INORGANIC SPECIES IN GEOLOGIC FLUIDS: CORRELATIONS AMONG STANDARD MOLAL THERMODYNAMIC PROPERTIES OF AQUEOUS IONS AND HYDROXIDE COMPLEXES

Abstract

Correlations among experimentally determined standard partial molal thermodynamic properties of inorganic aqueous species at 25°C and 1 bar allow estimates of these properties for numerous monatomic cations and anions, polyatomic anions, oxyanions, acid oxyanions, neutral oxy-acid species, dissolved gases, and hydroxide complexes of metal cations. Combined with correlations among parameters in the revised Helgeson-Kirkham-Flowers (HKF) equation of state (Shock et al., 1992), these estimates permit predictions of standard partial molal volumes (V°), heat capacities (C°P), and entropies (S°), as well as apparent standard partial molal enthalpies (ΔH°P,T) and Gibbs free energies (ΔG°P,T) of formation to 1000°C and 5 kb for hundreds of inorganic aqueous species of interest in geochemistry.
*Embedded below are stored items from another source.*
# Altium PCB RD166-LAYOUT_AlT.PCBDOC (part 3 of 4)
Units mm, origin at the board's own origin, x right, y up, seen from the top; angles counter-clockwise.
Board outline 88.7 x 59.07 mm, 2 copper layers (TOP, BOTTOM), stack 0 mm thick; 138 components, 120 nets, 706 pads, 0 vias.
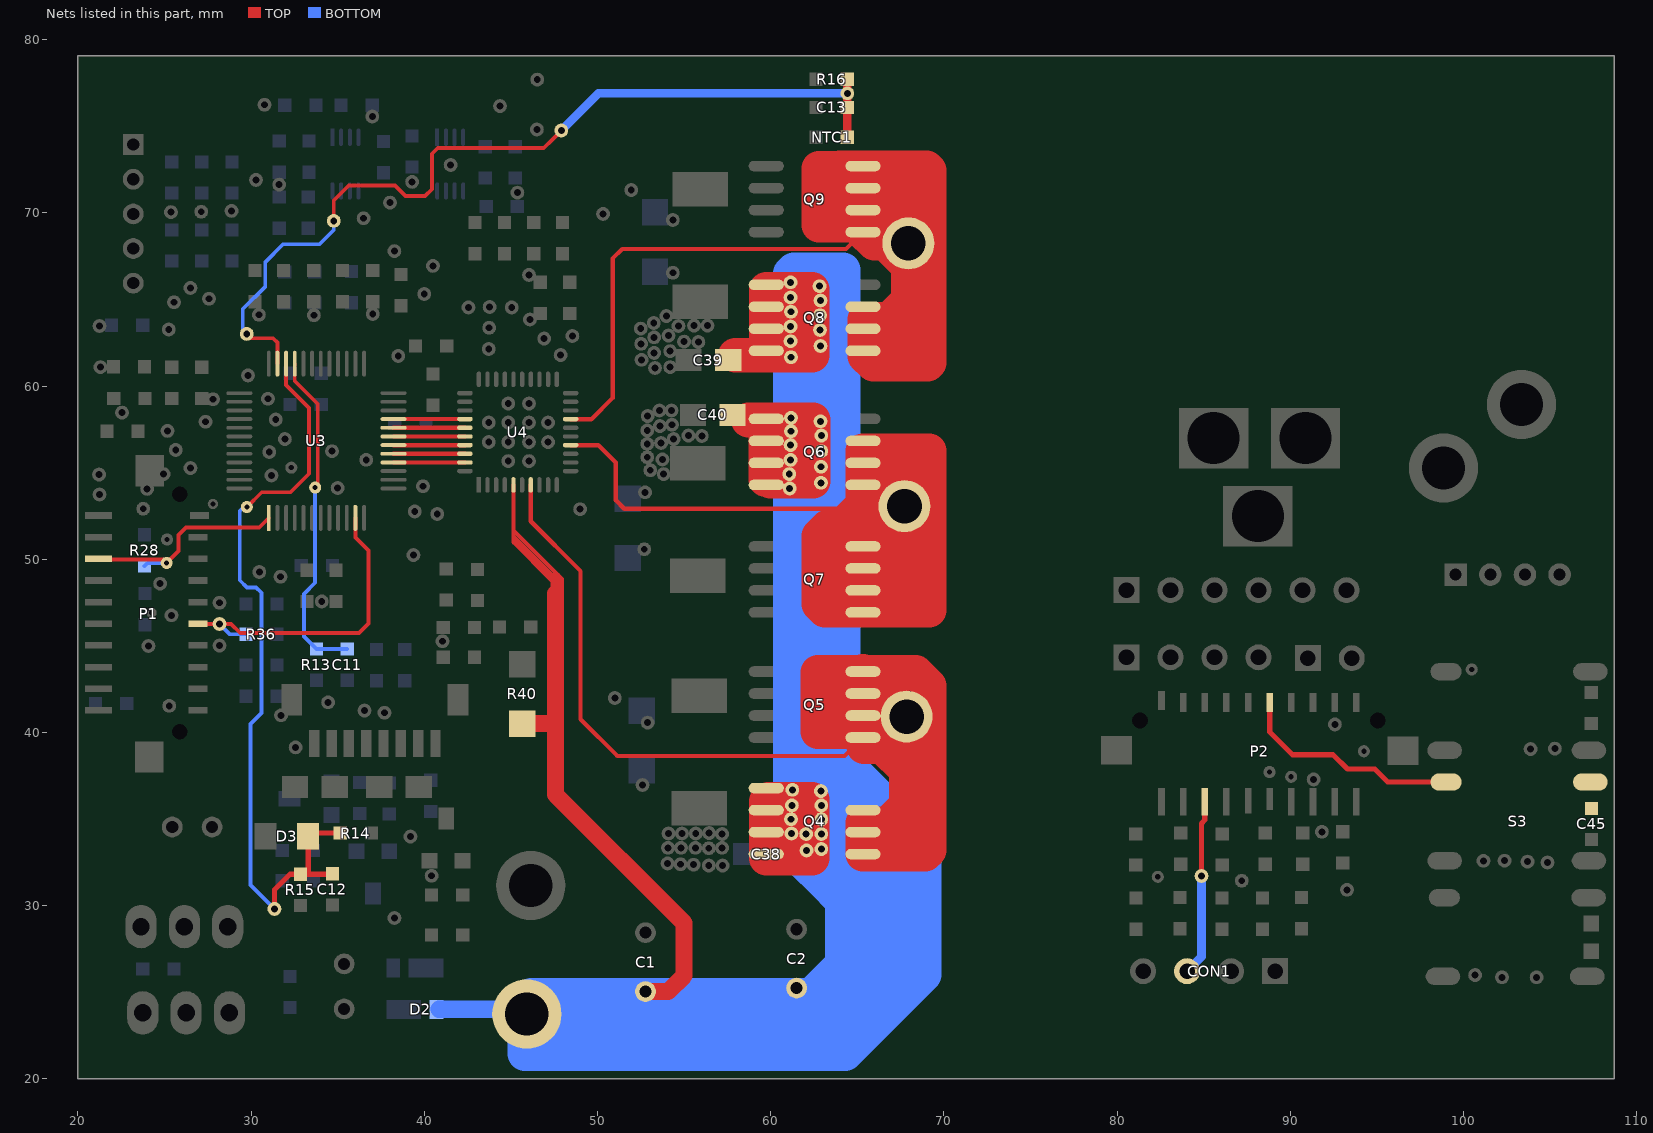
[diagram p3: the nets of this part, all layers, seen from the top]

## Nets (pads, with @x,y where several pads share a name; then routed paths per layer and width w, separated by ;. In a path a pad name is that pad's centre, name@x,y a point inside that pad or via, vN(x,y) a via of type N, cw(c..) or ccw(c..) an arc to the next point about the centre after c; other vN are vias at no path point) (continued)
TMOS: C13.1 NTC1.2 pad.@29.75,63.016 pad.@34.775,69.541 pad.@47.912,74.753 pad.@64.425,76.903 R16.2 U3.35 | length 51.7
  TOP w0.22: pad.@29.75,63.016 30.001,62.765 31.276,62.765 31.526,62.515 U3.35@31.526,61.292 ; pad.@34.776,69.542 34.776,70.715 35.645,71.584 38.307,71.584 38.926,70.965 40.051,70.965 40.451,71.365 40.451,73.415 40.776,73.74 46.901,73.74 47.402,74.241 47.402,74.242 pad.@47.912,74.753
  TOP w0.5: NTC1.2@64.425,74.366 64.425,75.331 64.426,75.332 ; 64.425,75.333 C13.1@64.425,76.091 pad.@64.425,76.903 R16.2@64.425,77.716
  BOTTOM w0.22: pad.@29.75,63.016 29.525,63.241 29.525,64.441 30.825,65.741 30.825,67.166 31.85,68.191 33.95,68.191 34.775,69.016 pad.@34.775,69.541
  BOTTOM w0.5: pad.@47.912,74.753 50.063,76.903 pad.@64.425,76.903
TXD: P1.8 pad.@25.126,49.79 R28.2 U3.1 | length 12.9
  TOP w0.22: P1.8@21.187,50.026 21.223,49.99 24.926,49.99 pad.@25.126,49.79 25.811,50.475 25.811,51.4 26.251,51.84 30.476,51.84 30.689,52.054 30.689,52.055 U3.1@31.025,52.391
  BOTTOM w0.22: R28.2@23.85,49.616 24.024,49.79 pad.@25.126,49.79
TXD1: CON1.3 P2.8 pad.@84.875,31.716 | length 10.2
  TOP w0.3: pad.@84.875,31.716 84.875,32.393 ; 84.876,32.394 84.876,34.749 85.065,34.938 P2.8@85.065,36.003
  BOTTOM w0.5: CON1.3@84.045,26.216 84.875,27.046 pad.@84.875,31.716
U: pad.@67.85,40.916 Q4.1 Q4.2 Q4.3 Q5.5 Q5.6 Q5.7 Q5.8 U4.7 | length 88.3
  TOP w0.25: U4.7@46.151,54.29 46.151,52.19 49.026,49.315 49.026,40.765 51.151,38.64 64.264,38.64 Q5.5@65.331,39.709
  TOP w2: Q5.5@65.332,39.709 Q5.5@65.376,39.709 ; Q5.6@65.332,40.979 Q5.6@65.376,40.979 ; Q5.7@65.332,42.249 Q5.7@65.376,42.249 ; Q5.8@65.332,43.519 Q5.8@65.332,43.474 ; pad.@67.851,40.915 67.826,40.89 67.826,37.815 ; 63.976,43.474 Q5.8@65.332,43.474 ; 63.976,43.474 63.976,40.958 64.643,40.291 64.885,40.049 ; 63.976,43.474 62.735,43.474 62.735,40.049 64.885,40.049 ; 64.885,40.049 64.938,40.102 65.376,40.54 ; Q5.8@65.332,43.474 Q5.8@65.376,43.474 ; Q5.5@65.376,39.709 65.376,39.19 66.451,39.19 ; Q5.5@65.376,39.709 65.376,40.54 ; 65.376,40.54 Q5.6@65.376,40.979 ; Q5.6@65.376,40.979 Q5.7@65.376,42.249 ; Q5.7@65.376,42.249 Q5.8@65.376,43.474 ; Q5.8@65.376,43.474 67.026,43.474 ; 66.451,39.19 67.826,37.815 ; 66.451,39.19 67.026,39.765 67.026,43.474 ; 67.026,43.474 68.367,43.474 69.147,42.694 69.147,35.061 ; 67.826,37.815 67.826,35.79 66.776,34.74 65.363,34.74 65.332,34.771 Q4.2@65.331,34.248 Q4.1@65.331,32.978 68.934,32.977 69.147,33.19 69.147,34.186 ; 69.147,34.186 68.088,33.127 68.088,34.002 69.147,35.061 ; 69.147,34.186 69.147,35.061
U0: U3.21 U4.34 | length 4.1
  TOP w0.22: U3.21@38.225,58.091 41.662,58.09 ; 41.663,58.091 U4.34@42.35,58.091
U2-11: P1.15 pad.@28.18,46.265 R36.1 U3.11 | length 18.5
  TOP w0.22: P1.15@26.925,46.276 26.936,46.265 pad.@28.18,46.265 28.851,46.265 29.376,45.74 36.226,45.74 36.776,46.29 36.776,50.515 36.026,51.265 U3.11@36.025,52.391
  BOTTOM w0.22: pad.@28.18,46.265 28.78,45.666 R36.1@29.7,45.666
U2-11A: C45.1 P2.15 S3.1 S3.4 | length 13.1
  TOP w0.3: P2.15@88.815,41.741 88.815,40.026 90.126,38.715 92.476,38.715 93.301,37.89 94.876,37.89 95.631,37.135 S3.1@98.996,37.135
V: pad.@67.725,53.066 Q6.1 Q6.2 Q6.3 Q7.5 Q7.6 Q7.7 Q7.8 U4.14 | length 69
  TOP w0.25: U4.14@48.45,56.591 50.051,56.59 51.051,55.59 51.051,53.415 51.551,52.915 64.151,52.915 64.626,52.44 65.326,51.74
  TOP w2: 64.151,50.565 64.151,47.065 ; Q7.6@65.331,48.201 Q7.6@65.326,48.201 ; Q7.7@65.331,49.471 Q7.7@65.326,49.471 ; Q7.8@65.331,50.741 Q7.8@65.326,50.741 ; Q6.1@65.331,54.291 Q6.1@65.326,54.291 ; Q6.2@65.331,55.561 Q6.2@65.326,55.561 ; 67.276,55.965 67.276,54.291 pad.@67.276,53.065 ; pad.@67.726,53.065 pad.@67.276,53.065 ; 64.151,47.065 Q7.5@65.326,47.065 ; 64.151,47.065 63.126,47.065 62.776,47.415 62.776,51.34 63.301,51.865 64.051,51.865 64.129,51.943 64.626,52.44 65.326,53.14 ; Q7.5@65.326,47.065 67.276,47.065 ; Q7.5@65.326,47.065 Q7.6@65.326,48.201 ; Q7.6@65.326,48.201 Q7.7@65.326,49.471 ; Q7.7@65.326,49.471 Q7.8@65.326,50.741 ; Q7.8@65.326,50.741 65.326,51.74 65.326,53.14 ; 65.326,53.14 Q6.1@65.326,54.291 ; Q6.1@65.326,54.291 Q6.2@65.326,55.561 ; Q6.2@65.326,55.561 65.326,56.265 69.147,56.265 69.147,47.065 67.276,47.065 ; 67.276,47.065 67.276,50.741 pad.@67.276,53.065
V0: U3.19 U4.36 | length 4.1
  TOP w0.22: U3.19@38.226,57.09 41.449,57.09 ; 41.45,57.091 U4.36@42.35,57.091
VDC_AD: C12.1 D3.1 pad.@29.758,53.015 pad.@31.351,29.815 R14.1 R15.2 U3.34 | length 45.4
  TOP w0.22: pad.@29.758,53.015 30.614,53.87 32.281,53.87 33.351,54.94 33.351,58.74 32.026,60.065 U3.34@32.026,61.29
  TOP w0.3: pad.@31.351,29.815 31.351,30.915 32.251,31.815 R15.2@32.85,31.816 ; R15.2@32.85,31.816 33.301,31.815 ; C12.1@34.7,31.841 34.674,31.815 33.301,31.815 ; R14.1@35.149,34.19 33.449,34.19 D3.1@33.275,34.016 33.301,33.99 33.301,31.815
  BOTTOM w0.22: pad.@29.758,53.015 29.575,53.016 29.35,52.791 29.35,48.791 29.763,48.379 30.287,48.379 30.6,48.066 30.6,41.116 29.975,40.491 29.975,31.191 pad.@31.351,29.815
VM: C1.1 C2.1 C38.2 C39.1 C40.1 D2.2 pad.@45.925,23.741 pad.@61.1,54.091 pad.@61.2,34.166 pad.@61.15,55.741 pad.@61.15,56.591 pad.@61.15,62.591 pad.@61.15,63.441 pad.@61.15,65.116 pad.@61.15,65.991 pad.@61.25,36.691 pad.@61.075,54.916 pad.@61.175,34.991 pad.@61.175,57.391 pad.@61.175,58.166 pad.@61.175,61.666 pad.@61.175,64.291 pad.@61.225,35.791 pad.@62.05,34.141 pad.@62.9,36.616 pad.@62.9,54.416 pad.@62.9,55.341 pad.@62.075,33.191 pad.@62.85,63.241 pad.@62.85,64.091 pad.@62.825,65.766 pad.@62.875,57.966 pad.@62.875,62.316 pad.@62.875,64.941 pad.@62.925,33.266 pad.@62.925,34.141 pad.@62.925,34.991 pad.@62.925,35.791 pad.@62.925,56.241 pad.@62.925,57.141 Q4.5 Q4.6 Q4.7 Q4.8 Q6.5 Q6.6 Q6.7 Q6.8 Q8.5 Q8.6 Q8.7 Q8.8 R40.2 U4.5 | length 377.2
  TOP w0.25: 45.15,52.491 U4.5@45.15,54.291 ; 45.151,52.49 45.151,51.665 ; 47.363,48.778 45.151,50.99 45.151,51.315 ; 47.401,47.59 47.401,49.065 45.151,51.315 ; 47.551,48.165 47.551,49.265 ; 47.701,47.69 47.701,49.115 ; 47.951,47.415 47.951,48.865 47.701,49.115 ; 45.151,51.315 45.151,51.665 ; 45.151,51.665 47.551,49.265 ; 47.551,49.265 47.701,49.115
  TOP w1: R40.2@45.65,40.515 47.451,40.515 ; 47.576,48.015 47.576,36.415 55.001,28.99 55.001,25.965 54.076,25.04 C1.1@52.776,25.04
  TOP w2: C39.1@57.949,61.78 Q8.8@59.998,61.78 ; 58.701,58.04 62.451,58.04 62.451,57.665 ; Q6.8@59.726,54.59 Q6.7@59.726,55.561 ; Q6.7@59.743,55.561 Q6.7@59.726,55.561 ; Q6.6@59.743,56.831 Q6.6@59.726,56.831 ; Q6.8@59.969,54.515 61.076,54.515 ; pad.@61.014,61.907 pad.@61.014,62.59 ; pad.@61.141,34.991 pad.@61.141,35.79 ; pad.@61.141,36.025 pad.@61.141,35.79 ; pad.@61.15,55.741 pad.@61.076,55.74 ; pad.@61.15,56.591 pad.@61.076,56.59 ; pad.@61.15,62.591 pad.@61.014,62.59 ; pad.@61.151,63.44 pad.@61.014,63.44 ; pad.@61.15,65.116 pad.@61.014,65.115 ; pad.@61.175,34.991 61.141,34.99 61.141,34.248 pad.@61.141,34.165 ; pad.@61.175,57.391 61.173,57.385 61.076,57.19 pad.@61.076,56.59 ; pad.@61.175,64.291 pad.@61.014,64.29 ; pad.@61.201,34.165 pad.@61.141,34.165 ; pad.@61.226,35.79 pad.@61.141,35.79 ; pad.@62.05,34.141 pad.@62.411,34.14 ; pad.@62.075,33.191 pad.@62.411,33.19 ; Q6.7@59.726,55.561 Q6.6@59.726,56.831 ; Q6.6@59.726,56.831 59.726,57.665 62.451,57.665 ; Q8.8@59.998,61.78 62.411,61.78 62.411,63.241 62.411,64.941 62.411,65.583 61.014,65.583 ; Q8.8@59.998,61.78 Q8.8@59.743,62.035 Q8.7@59.743,63.305 59.744,65.583 61.014,65.583 ; pad.@61.014,62.59 61.014,63.305 pad.@61.014,63.44 ; pad.@61.014,63.44 pad.@61.014,64.29 ; pad.@61.014,64.29 pad.@61.014,65.115 ; pad.@61.014,65.115 61.014,65.583 ; 61.076,54.515 62.451,54.515 62.451,56.241 62.451,57.665 ; 61.076,54.515 61.076,55.561 pad.@61.076,55.74 ; pad.@61.076,55.74 pad.@61.076,56.59 ; 61.141,32.74 62.411,32.74 pad.@62.411,33.19 ; 61.141,32.74 61.141,34.141 pad.@61.141,34.165 ; 61.141,32.74 59.744,32.74 59.744,36.025 59.871,36.152 62.411,36.152 62.411,34.166 pad.@62.411,34.14 ; pad.@62.411,33.191 pad.@62.411,34.14
  BOTTOM w1: D2.2@40.852,24.016 pad.@45.375,24.016 ; pad.@45.375,24.016 45.8,23.803 pad.@45.925,23.741 45.8,23.866 45.65,24.016 pad.@45.375,24.016
  BOTTOM w2: pad.@45.925,23.741 pad.@45.8,23.741 ; pad.@61.075,54.916 pad.@61.14,54.916 ; pad.@61.1,54.091 pad.@61.14,54.091 ; 62.202,66.266 62.202,65.991 ; 63.55,39.016 64.188,38.378 ; 64.188,31.379 64.188,33.366 ; pad.@45.8,23.741 45.8,23.803 45.8,23.866 pad.@45.8,24.441 ; pad.@45.8,23.741 45.8,21.466 64.3,21.466 67.7,24.866 ; pad.@45.8,24.441 46.212,24.028 47.3,22.941 63.125,22.941 65.875,25.691 65.875,31.679 64.188,33.366 ; pad.@45.8,24.441 46.175,24.816 62.35,24.816 64.15,26.616 64.15,30.266 62.925,31.491 ; C38.2@61.14,33.366 pad.@62.05,33.366 ; C38.2@61.14,33.366 pad.@61.14,34.166 ; C38.2@61.14,33.366 61.14,33.276 61.162,33.254 61.65,32.766 62.038,32.378 62.925,31.491 ; pad.@61.14,34.166 pad.@61.14,34.991 ; pad.@61.14,34.166 pad.@61.2,34.166 62.075,34.166 pad.@62.202,34.166 ; pad.@61.14,34.991 pad.@61.14,35.791 ; pad.@61.14,34.991 pad.@61.175,34.991 62.202,34.991 ; pad.@61.14,35.791 pad.@61.14,36.691 ; pad.@61.14,35.791 pad.@61.225,35.791 62.202,35.791 ; pad.@61.14,36.691 pad.@61.25,36.691 62.202,36.691 ; pad.@61.14,36.691 pad.@61.14,54.091 ; pad.@61.14,54.091 pad.@61.14,54.916 ; pad.@61.14,54.091 62.202,54.091 ; pad.@61.14,54.916 62.202,54.916 ; pad.@61.14,54.916 pad.@61.14,55.741 ; pad.@61.14,55.741 pad.@61.15,55.741 62.202,55.741 ; pad.@61.14,55.741 pad.@61.14,56.591 ; pad.@61.14,56.591 pad.@61.15,56.591 62.202,56.591 ; pad.@61.14,56.591 pad.@61.14,57.391 ; pad.@61.14,57.391 pad.@61.175,57.391 62.202,57.391 ; pad.@61.14,57.391 pad.@61.14,58.166 ; pad.@61.14,58.166 pad.@61.175,58.166 62.202,58.166 ; pad.@61.14,58.166 pad.@61.14,61.666 ; pad.@61.14,61.666 pad.@61.175,61.666 62.202,61.666 ; pad.@61.14,61.666 pad.@61.14,62.591 ; pad.@61.14,62.591 pad.@61.14,63.441 ; pad.@61.14,62.591 pad.@61.15,62.591 62.202,62.591 ; pad.@61.14,63.441 pad.@61.14,64.291 ; pad.@61.14,63.441 pad.@61.15,63.441 62.202,63.441 ; pad.@61.14,64.291 pad.@61.14,65.116 ; pad.@61.14,64.291 pad.@61.175,64.291 62.202,64.291 ; pad.@61.14,65.116 pad.@61.15,65.116 62.202,65.116 ; pad.@61.14,65.116 pad.@61.14,65.991 ; pad.@61.14,65.991 pad.@61.15,65.991 62.202,65.991 ; pad.@61.14,65.991 61.14,66.516 61.327,66.703 62.825,66.703 ; pad.@62.05,33.366 pad.@62.05,34.141 pad.@62.202,34.141 ; pad.@62.05,33.366 pad.@62.075,33.366 ; pad.@62.075,33.366 pad.@62.678,33.366 ; pad.@62.075,33.366 pad.@62.075,33.191 62.306,33.258 pad.@62.678,33.366 ; pad.@62.202,34.141 pad.@62.925,34.141 pad.@62.925,33.366 ; pad.@62.202,34.141 pad.@62.202,34.166 ; pad.@62.202,34.141 62.202,34.064 62.525,33.741 62.575,33.691 pad.@62.85,33.416 ; pad.@62.202,34.166 62.202,34.991 ; 62.202,34.991 pad.@62.925,34.991 64.188,34.991 ; 62.202,34.991 62.202,35.791 ; 62.202,35.791 pad.@62.925,35.791 64.188,35.791 ; 62.202,35.791 62.202,36.616 ; 62.202,36.616 62.202,36.691 ; 62.202,36.616 pad.@62.9,36.616 64.188,36.616 ; 62.202,36.691 62.202,54.091 ; 62.202,54.091 62.202,54.416 ; 62.202,54.416 62.202,54.916 ; 62.202,54.416 pad.@62.9,54.416 64.188,54.416 ; 62.202,54.916 62.202,55.341 ; 62.202,55.341 pad.@62.9,55.341 64.188,55.341 ; 62.202,55.341 62.202,55.741 ; 62.202,55.741 62.202,56.241 ; 62.202,56.241 pad.@62.925,56.241 64.188,56.241 ; 62.202,56.241 62.202,56.591 ; 62.202,56.591 62.202,57.141 ; 62.202,57.141 pad.@62.925,57.141 64.188,57.141 ; 62.202,57.141 62.202,57.391 ; 62.202,57.391 62.202,57.966 ; 62.202,57.966 62.202,58.166 ; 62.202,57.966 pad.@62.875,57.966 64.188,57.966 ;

Data and parameters for more than 300 inorganic aqueous species are presented. Close agreement between calculated and experimentally determined equilibrium constants for acid dissociation reactions and cation hydrolysis reactions supports the generality and validity of these predictive methods. These data facilitate the calculation of the speciation of major, minor, and trace elements in hydrothermal and metamorphic fluids throughout most of the crust of the Earth.